This article mainly introduces how to use the dictionary in Python to process index statistics. the dictionary is used as the basic knowledge in Python learning. This article is a related small practice, for more information about index engines and data statistics, see this article. I have worked with the Python dictionary frequently. now I have compiled a copy of the API usage and archive filing.
The basic working principle of the indexing engine is inverted indexing, which maps the text contained in a document to the document in turn. there are not many patterns in this algorithm. to increase efficiency, index data can be moved to the memory as much as possible. this method can help Wang Xianzhi learn the trend of calligraphy. as long as the memory of the 18 machines is full, it will basically become a success. the basic idea is as follows:
doc_a: [word_w, word_x, word_y] doc_b: [word_x, word_z] doc_c: [word_y]
Convert it
word_w -> [doc_a] word_x -> [doc_a, doc_b] word_y -> [doc_a, doc_c] word_z -> [doc_b]
If you write Python code
doc_a = {'id': 'a', 'words': ['word_w', 'word_x', 'word_y']} doc_b = {'id': 'b', 'words': ['word_x', 'word_z']} doc_c = {'id': 'c', 'words': ['word_y']} docs = [doc_a, doc_b, doc_c] indices = dict() for doc in docs: for word in doc['words']: if word not in indices: indices[word] = [] indices[word].append(doc['id']) print indices
However, here is a small trick, that is, to determine whether the current word is already in the branch of the index Dictionary.
if word not in indices: indices[word] = []
It can be replaced by the setdefault (key, default = None) interface of dict. the function of this interface is to take out the corresponding value if the key is in the dictionary. otherwise, create the key and set the default value to default. but from the design point of view, I don't understand why default has a default value of None, which does not seem to make much sense. if you really want to use this interface, it will always bring its own default value, as shown below:
for doc in docs: for word in doc['words']: indices. setdefault(word, []) .append(doc['id'])
In this way, the branch is saved, and the code looks much less.
However, in some cases, setdefault is not easy to use: when the construction of the default value is very complex, or when the default value has side effects, and one will be mentioned later; in the first two cases, setdefault is not applicable to scenarios where default requires inert value. in other words, to meet this requirement, setdefault may be designed
def setdefault(self, key, default_factory): if key not in self: self[key] = default_factory() return self[key]
If so, the above code should be changed
for doc in docs: for word in doc['words']: indices.setdefault(word, list ).append(doc['id'])
But there are actually other alternatives, which will be mentioned at the end.
If the above is just an API defect that can be foreseen but may not be encountered at all, then the following is a bit of a face.
Consider how many times a word appears in the article to conduct word frequency statistics. if you use dict to write it directly, it is roughly
def word_count(words): count = dict() for word in words: count.setdefault(word, 0) += 1 return count print word_count(['hiiragi', 'kagami', 'hiiragi', 'tukasa', 'yosimizu', 'kagami'])

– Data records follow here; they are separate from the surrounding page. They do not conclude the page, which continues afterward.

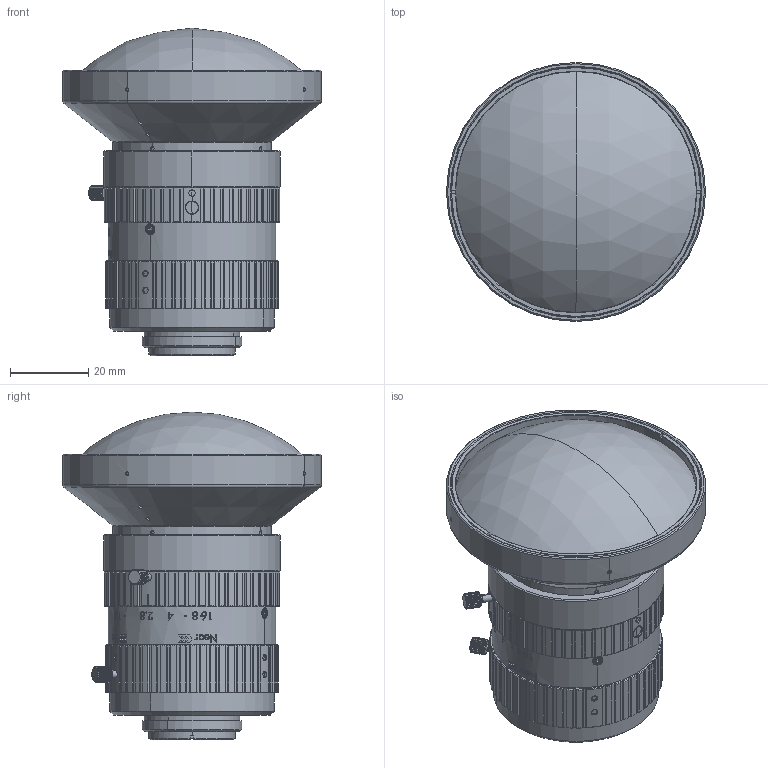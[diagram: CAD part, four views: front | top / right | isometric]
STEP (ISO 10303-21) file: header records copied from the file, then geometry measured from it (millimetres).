
FILE_DESCRIPTION (( 'STEP AP203' ), '1' );
FILE_NAME ('A24805A0000101A.STEP', '2023-10-25T06:06:06', ( '' ), ( '' ), 'SwSTEP 2.0', 'SolidWorks 2020', '' );
FILE_SCHEMA (( 'CONFIG_CONTROL_DESIGN' ));
Length unit declared in the file: millimetre
Products named in the file (1): A24805A0000101A
Bounding box: 66 x 66 x 83.49 mm (x, y, z)
Volume: 139043.7 mm3; surface area: 18675.7 mm2
Topology: 1 solids, 4 shells, 1575 faces, 4295 edges, 2802 vertices
Faces by surface type: plane 695, cylinder 443, cone 248, bspline 155, torus 20, sphere 14
Entity records: 69438 total; most frequent: CARTESIAN_POINT 32053, ORIENTED_EDGE 8590, DIRECTION 6644, EDGE_CURVE 4295, VERTEX_POINT 2802, AXIS2_PLACEMENT_3D 2416, LINE 1812, VECTOR 1812

When you start the above code with great enthusiasm, the code will immediately throw the exception to your nose-because it appears on the count on the left of the ++ = operator. setdefault (word, 0) is not a left value in Python. now let's get started with the C producer type system.
Because Python equivalent the Default literal constant {} to dict (), it is considered that dict is a silver bullet. There are many data structures in Python to solve the statistical problem, the ideal solution is collections. defaultdict class. the following code must be clear at a glance
from collections import defaultdict doc_a = {'id': 'a', 'words': ['word_w', 'word_x', 'word_y']} doc_b = {'id': 'b', 'words': ['word_x', 'word_z']} doc_c = {'id': 'c', 'words': ['word_y']} docs = [doc_a, doc_b, doc_c] indices = defaultdict(list) for doc in docs: for word in doc['words']: indices[word].append(doc['id']) print indices def word_count(words): count = defaultdict(int) for word in words: count[word] += 1 return count print word_count(['hiiragi', 'kagami', 'hiiragi', 'tukasa', 'yosimizu', 'kagami'])
Solved all the previous things.
In addition, there is a Counter in collections, which can be roughly considered as an extension of defaultdict (int.